WORK ITEM =
Report each line from the data below that holds the word "BARS".

SUPPLIED INFORMATION =
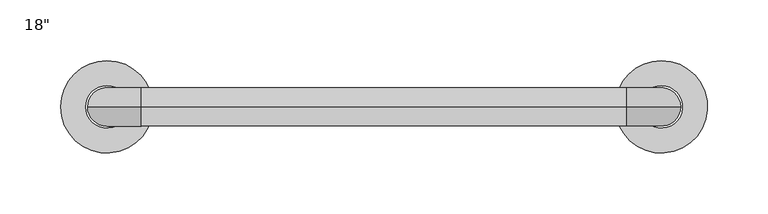
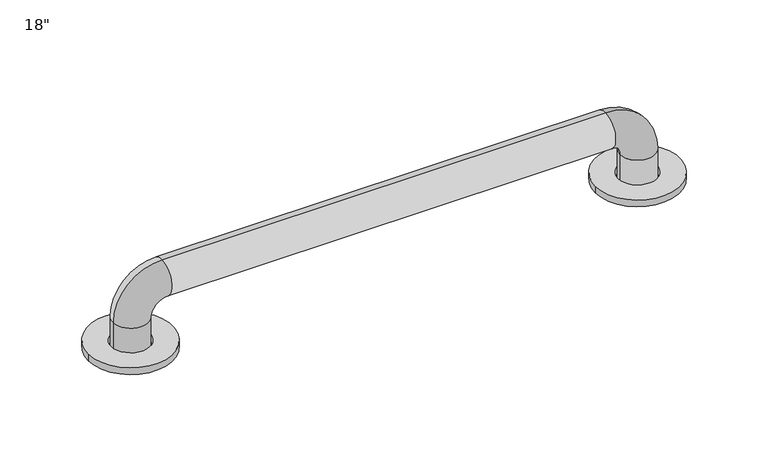
"""IFC4 building model written with IfcOpenShell, lengths in millimetres: proxy geometry."""

from ifc_helpers import new_model, si_unit, point, frame, frame_2d, origin, origin_with_axes, origin_2d, place, context, project, spatial, circle_curve, ellipse_curve, trimmed, segment, composite_curve, outline, extrude, source, transform, mapped, element, save
from ifc_brep_helpers import plane_surface, cylinder_surface, revolved_surface, advanced_brep


def proxy_37aad3db(model_context):
    return source(origin(), model_context, "Body", "SolidModel", [
        extrude(outline(composite_curve([segment(trimmed(circle_curve(frame_2d((457.2, 0.0)), 38.1), [point((419.1, 0.0))], [point((457.2, 38.1))], False, "CARTESIAN"), True, "CONTINUOUS"), segment(trimmed(circle_curve(frame_2d((457.2, 0.0)), 38.1), [point((457.2, 38.1))], [point((419.1, 0.0))], False, "CARTESIAN"), True, "CONTINUOUS")], self_intersect=False), holes=[composite_curve([segment(trimmed(circle_curve(frame_2d((457.2, 0.0)), 17.4625), [point((439.7375, 0.0))], [point((457.2, 17.4625))], True, "CARTESIAN"), True, "CONTINUOUS"), segment(trimmed(circle_curve(frame_2d((457.2, 0.0)), 17.4625), [point((457.2, 17.4625))], [point((439.7375, 0.0))], True, "CARTESIAN"), True, "CONTINUOUS")], self_intersect=False)]), origin_with_axes(), (0.0, 0.0, 1.0), 6.35),
        extrude(outline(composite_curve([segment(trimmed(circle_curve(origin_2d(), 38.1), [point((-38.1, 0.0))], [point((0.0, 38.1))], False, "CARTESIAN"), True, "CONTINUOUS"), segment(trimmed(circle_curve(origin_2d(), 38.1), [point((0.0, 38.1))], [point((-38.1, 0.0))], False, "CARTESIAN"), True, "CONTINUOUS")], self_intersect=False), holes=[composite_curve([segment(trimmed(circle_curve(origin_2d(), 17.4625), [point((-17.4625, 0.0))], [point((0.0, 17.4625))], True, "CARTESIAN"), True, "CONTINUOUS"), segment(trimmed(circle_curve(origin_2d(), 17.4625), [point((0.0, 17.4625))], [point((-17.4625, 0.0))], True, "CARTESIAN"), True, "CONTINUOUS")], self_intersect=False)]), origin_with_axes(), (0.0, 0.0, 1.0), 6.35),
        advanced_brep(
        [(473.075, 0.0, 0.0), (441.325, 0.0, 0.0), (441.325, 0.0, 28.575), (473.075, 0.0, 28.575), (428.625, 0.0, 41.275), (428.625, 0.0, 73.025), (28.575, 0.0, 41.275), (28.575, 0.0, 73.025), (15.875, 0.0, 28.575), (-15.875, 0.0, 28.575), (-15.875, 0.0, 0.0), (15.875, 0.0, 0.0)],
        [
            (0, 1, circle_curve(frame((457.2, 0.0, 0.0), z_axis=(0.0, 0.0, -1.0), x_axis=(-1.0, 0.0, 0.0)), 15.875)),
            (1, 0, circle_curve(frame((457.2, 0.0, 0.0), z_axis=(0.0, 0.0, -1.0), x_axis=(-1.0, 0.0, 0.0)), 15.875)),
            (1, 2),
            (2, 3, circle_curve(frame((457.2, 0.0, 28.575), z_axis=(0.0, 0.0, -1.0), x_axis=(-1.0, 0.0, 0.0)), 15.875)),
            (3, 0),
            (3, 2, circle_curve(frame((457.2, 0.0, 28.575), z_axis=(0.0, 0.0, -1.0), x_axis=(-1.0, 0.0, 0.0)), 15.875)),
            (4, 5, circle_curve(frame((428.625, 0.0, 57.15), z_axis=(1.0, 0.0, 0.0), x_axis=(0.0, 0.0, -1.0)), 15.875)),
            (5, 3, circle_curve(frame((428.625, 0.0, 28.575), z_axis=(0.0, 1.0, 0.0), x_axis=(1.0, 0.0, 0.0)), 44.45)),
            (2, 4, circle_curve(frame((428.625, 0.0, 28.575), z_axis=(0.0, -1.0, 0.0), x_axis=(1.0, 0.0, 0.0)), 12.7)),
            (5, 4, circle_curve(frame((428.625, 0.0, 57.15), z_axis=(1.0, 0.0, 0.0), x_axis=(0.0, 0.0, -1.0)), 15.875)),
            (4, 6),
            (6, 7, circle_curve(frame((28.575, 0.0, 57.15), z_axis=(1.0, 0.0, 0.0), x_axis=(0.0, 0.0, -1.0)), 15.875)),
            (7, 5),
            (7, 6, circle_curve(frame((28.575, 0.0, 57.15), z_axis=(1.0, 0.0, 0.0), x_axis=(0.0, 0.0, -1.0)), 15.875)),
            (8, 9, circle_curve(frame((0.0, 0.0, 28.575), z_axis=(0.0, 0.0, 1.0), x_axis=(1.0, 0.0, 0.0)), 15.875)),
            (9, 7, circle_curve(frame((28.575, 0.0, 28.575), z_axis=(0.0, 1.0, 0.0), x_axis=(0.0, 0.0, 1.0)), 44.45)),
            (6, 8, circle_curve(frame((28.575, 0.0, 28.575), z_axis=(0.0, -1.0, 0.0), x_axis=(0.0, 0.0, 1.0)), 12.7)),
            (9, 8, circle_curve(frame((0.0, 0.0, 28.575), z_axis=(0.0, 0.0, 1.0), x_axis=(1.0, 0.0, 0.0)), 15.875)),
            (10, 11, circle_curve(frame((0.0, 0.0, 0.0), z_axis=(0.0, 0.0, -1.0), x_axis=(1.0, 0.0, 0.0)), 15.875)),
            (11, 10, circle_curve(frame((0.0, 0.0, 0.0), z_axis=(0.0, 0.0, -1.0), x_axis=(1.0, 0.0, 0.0)), 15.875)),
            (8, 11),
            (10, 9),
        ],
        [
            plane_surface(frame((457.2, 0.0, 0.0), z_axis=(0.0, 0.0, -1.0), x_axis=(0.0, 1.0, 0.0))),
            cylinder_surface(frame((457.2, 0.0, 0.0), z_axis=(0.0, 0.0, -1.0), x_axis=(-1.0, 0.0, 0.0)), 15.875),
            revolved_surface(trimmed(ellipse_curve(frame((457.2, 0.0, 28.575), z_axis=(0.0, 0.0, 1.0), x_axis=(-1.0, 0.0, 0.0)), 15.875, 15.875), [point((473.075, 0.0, 28.575))], [point((441.325, 0.0, 28.575))], True, "CARTESIAN"), (428.625, 0.0, 28.575), (0.0, 1.0, 0.0)),
            revolved_surface(trimmed(ellipse_curve(frame((457.2, 0.0, 28.575), z_axis=(0.0, 0.0, 1.0), x_axis=(-1.0, 0.0, 0.0)), 15.875, 15.875), [point((441.325, 0.0, 28.575))], [point((473.075, 0.0, 28.575))], True, "CARTESIAN"), (428.625, 0.0, 28.575), (0.0, 1.0, 0.0)),
            cylinder_surface(frame((428.625, 0.0, 57.15), z_axis=(1.0, 0.0, 0.0), x_axis=(0.0, 0.0, -1.0)), 15.875),
            revolved_surface(trimmed(ellipse_curve(frame((28.575, 0.0, 57.15), z_axis=(-1.0, 0.0, 0.0), x_axis=(0.0, 0.0, -1.0)), 15.875, 15.875), [point((28.575, 0.0, 73.025))], [point((28.575, 0.0, 41.275))], True, "CARTESIAN"), (28.575, 0.0, 28.575), (0.0, 1.0, 0.0)),
            revolved_surface(trimmed(ellipse_curve(frame((28.575, 0.0, 57.15), z_axis=(-1.0, 0.0, 0.0), x_axis=(0.0, 0.0, -1.0)), 15.875, 15.875), [point((28.575, 0.0, 41.275))], [point((28.575, 0.0, 73.025))], True, "CARTESIAN"), (28.575, 0.0, 28.575), (0.0, 1.0, 0.0)),
            plane_surface(frame((0.0, 0.0, 0.0), z_axis=(0.0, 0.0, -1.0), x_axis=(0.0, 1.0, 0.0))),
            cylinder_surface(frame((0.0, 0.0, 28.575), z_axis=(0.0, 0.0, 1.0), x_axis=(1.0, 0.0, 0.0)), 15.875),
        ],
        [
            (0, [[1, 2]]),
            (1, [[3, 4, 5, -2]]),
            (1, [[-5, 6, -3, -1]]),
            (2, [[7, 8, -4, 9]]),
            (3, [[10, -9, -6, -8]]),
            (4, [[11, 12, 13, -7]]),
            (4, [[-13, 14, -11, -10]]),
            (5, [[15, 16, -12, 17]]),
            (6, [[18, -17, -14, -16]]),
            (7, [[19, 20]]),
            (8, [[21, -19, 22, -15]]),
            (8, [[-22, -20, -21, -18]]),
        ],
    ),
    ])


if __name__ == "__main__":
    model = new_model("IFC4")
    model_context = context("Model", 3, world=origin())
    ifc_project = project(units=[si_unit("LENGTHUNIT", "METRE", prefix="MILLI")], contexts=[model_context])
    site = spatial("IfcSite", under=ifc_project)
    building = spatial("IfcBuilding", under=site)
    placement = place(None, origin())
    proxy_shape = proxy_37aad3db(model_context)
    element("IfcBuildingElementProxy", 1, Name="Seqm-Grab Bar : 18\"", ObjectType="Seqm-Grab Bar : 18\"", at=placement, inside=building, context=model_context, shape_type="MappedRepresentation", body=[
        mapped(proxy_shape, transform((0.0, 0.0, 0.0), x_axis=(1.0, 0.0, 0.0), y_axis=(0.0, 1.0, 0.0), z_axis=(0.0, 0.0, 1.0))),
    ])
    save(model, "model.ifc")

# Revit data of these elements
# Type "Seqm-Grab Bar : 18\""
#   Spec Number = "10 28 00"
#   Spec Description = "18\" GRAB BAR"
#   Length = 1' - 6"
#   Default Elevation = 4' - 0"
#   Grab Bar Material = GRAB BARS - AT ADA RESTROOMS ONLY
# Element 1 (IfcBuildingElementProxy, "Seqm-Grab Bar : 18\"")
#   Materials on its faces: "GRAB BARS - AT ADA RESTROOMS ONLY"
# Materials
#   "GRAB BARS - AT ADA RESTROOMS ONLY": class "Generic", colour RGB 120 120 120, transparency 0, Cost = 0

RESULT OF THIS TASK =
#   Grab Bar Material = GRAB BARS - AT ADA RESTROOMS ONLY
#   Materials on its faces: "GRAB BARS - AT ADA RESTROOMS ONLY"
#   "GRAB BARS - AT ADA RESTROOMS ONLY": class "Generic", colour RGB 120 120 120, transparency 0, Cost = 0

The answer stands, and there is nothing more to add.